I was checking my notes from Hoffman-Kunze book on linear algebra where I came across this result.
Assume $W,V,Z$ are vector spaces where $W \subseteq V \subseteq Z$ are subspaces of $Z$. The linear operator $T:Z\rightarrow Z$ is defined and $W,V$ are invariant under $T$ (i.e. if $v\in V , w\in W$ then $m(T)v\in V,m(T)w\in W$ for any polynomial $m$ over the scalar field). If $\beta\in Z$ is a vector, then the $T-$conductor of $\beta$ into $V$, $f(t)\in S_T(\beta;V)$, must divide the $T-$conductor of $\beta$ into $W$, $g(t)\in S_T(\beta;W)$, i.e. $f(t)\mid g(t)$ or equivalently $g(t)=k(t)f(t)$ for some polynomial $k(t)$ ($f(t)$ and $g(t)$ are monic generators of the conductor ideals, see definition below please).
First the definition
Let W be an invariant subspace of $T$ and let a be $\alpha\in V$. The $T-$conductor of $\alpha$ into $W$ is the set $S_T(\alpha ; W)$ , which consists of all polynomials $g$ (over the scalar field $F$) such that $g(T)\alpha\in W$. $S_T(\alpha ; W)$ is an ideal in the polynomial algebra $F[t]$ and $\color{red}{\text{the unique monic generator of the ideal } S_T(a ; W) \text{ is also called the } T-\text{conductor of }\alpha \\ \text{ into } W}$
Now my question here are two-fold:
$\qquad 1$-Why degree of $g$ is greater than $f$?

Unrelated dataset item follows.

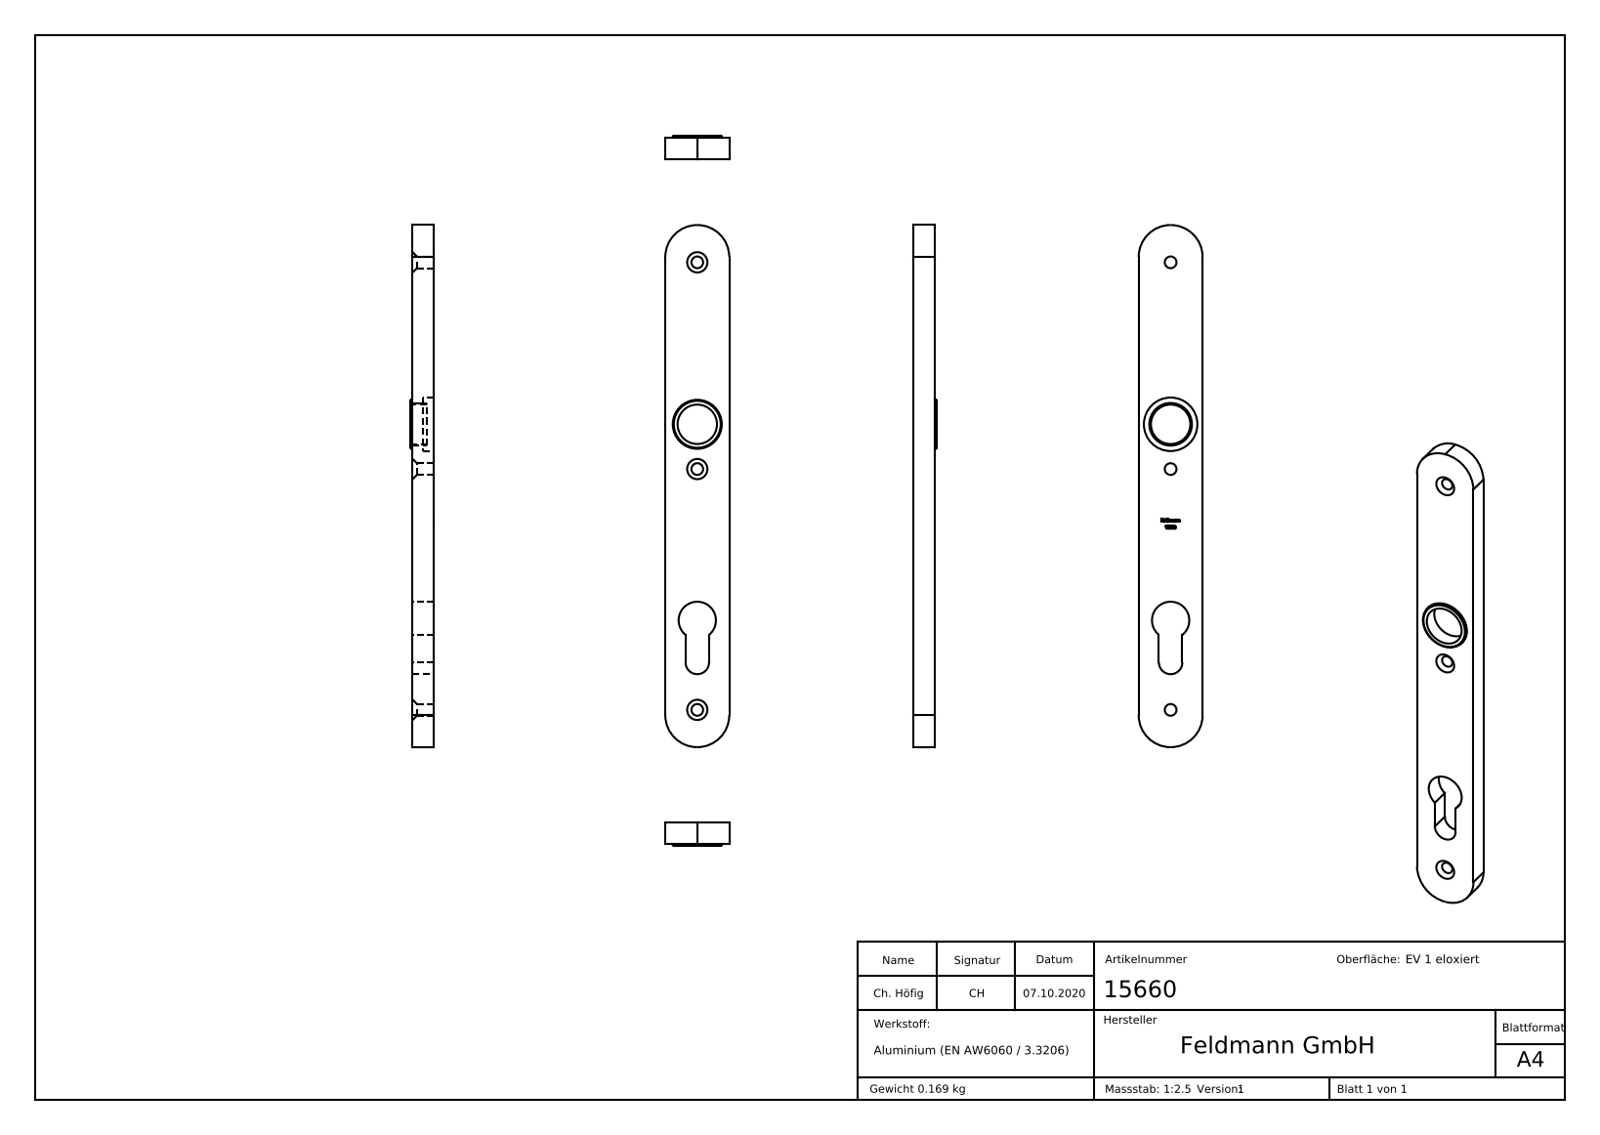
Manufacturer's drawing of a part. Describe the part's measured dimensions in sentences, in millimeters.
The part is named "AMF Schliessblech Konfig Teil2_15552 Teil2; AMF Schliessblech Konfig Teil1_15660 Teil1; AMF Schliessblech Konfig Teil1; AMF Schliessblech Konfig Teil2 (+1 more)". Its 3-D file was written by "SolidWorks 2018 (CONFIG_CONTROL_DESIGN)". It is 2 solids with 216 faces: 101 planar, 24 cylindrical and 91 other. Overall it measures 245 by 30 by 11 millimeters. Its volume is 62 961 cubic millimeters and its surface area 21 200 square millimeters. Round holes: 3 of diameter 5.5, 1 of diameter 18.5, 1 of diameter 20, 1 of diameter 25.1. Round bosses or shafts: 1 of diameter 23. Partial cylindrical surfaces (rounded edges, fillets, slot ends): 2 of radius 15, 1 of radius 5.5, 1 of radius 8.75. The main face-to-face distances are 10, 30, 5, 9.5, 20.5, 11, 6, 1, 3.5, 1.5. The hole center spacings are 21, 76, 97, 113, 134, 210.

$\qquad 2$-Why $f(t)\mid g(t)$?
If it helps, I encountered this in the chapter $7$, "cyclic decomposition and sub-spaces", in the proof of theorem $3$.
Thanks in advance
If $\phi \in S_T(\beta;W)$, then $\phi(T)\beta \in W \subseteq V$ implies $\phi \in S_T(\beta;V).$ Therefore $S_T(\beta;W) \subseteq S_T(\beta;V).$
In particular, as long as you accept that $S_T(\beta;V) = (f)$ and $S_T(\beta;W)=(g)$ are nonzero principal ideals of $F[t]$, it follows that $g \in S_T(\beta;W) \subseteq S_T(\beta;V) = (f).$ This means that $g(t) = f(t) \cdot q(t)$ for some $q(t) \in F[t]$ so that $f(t) \mid g(t)$ and therefore the degree of $f$ is less than or equal to the degree of $g$.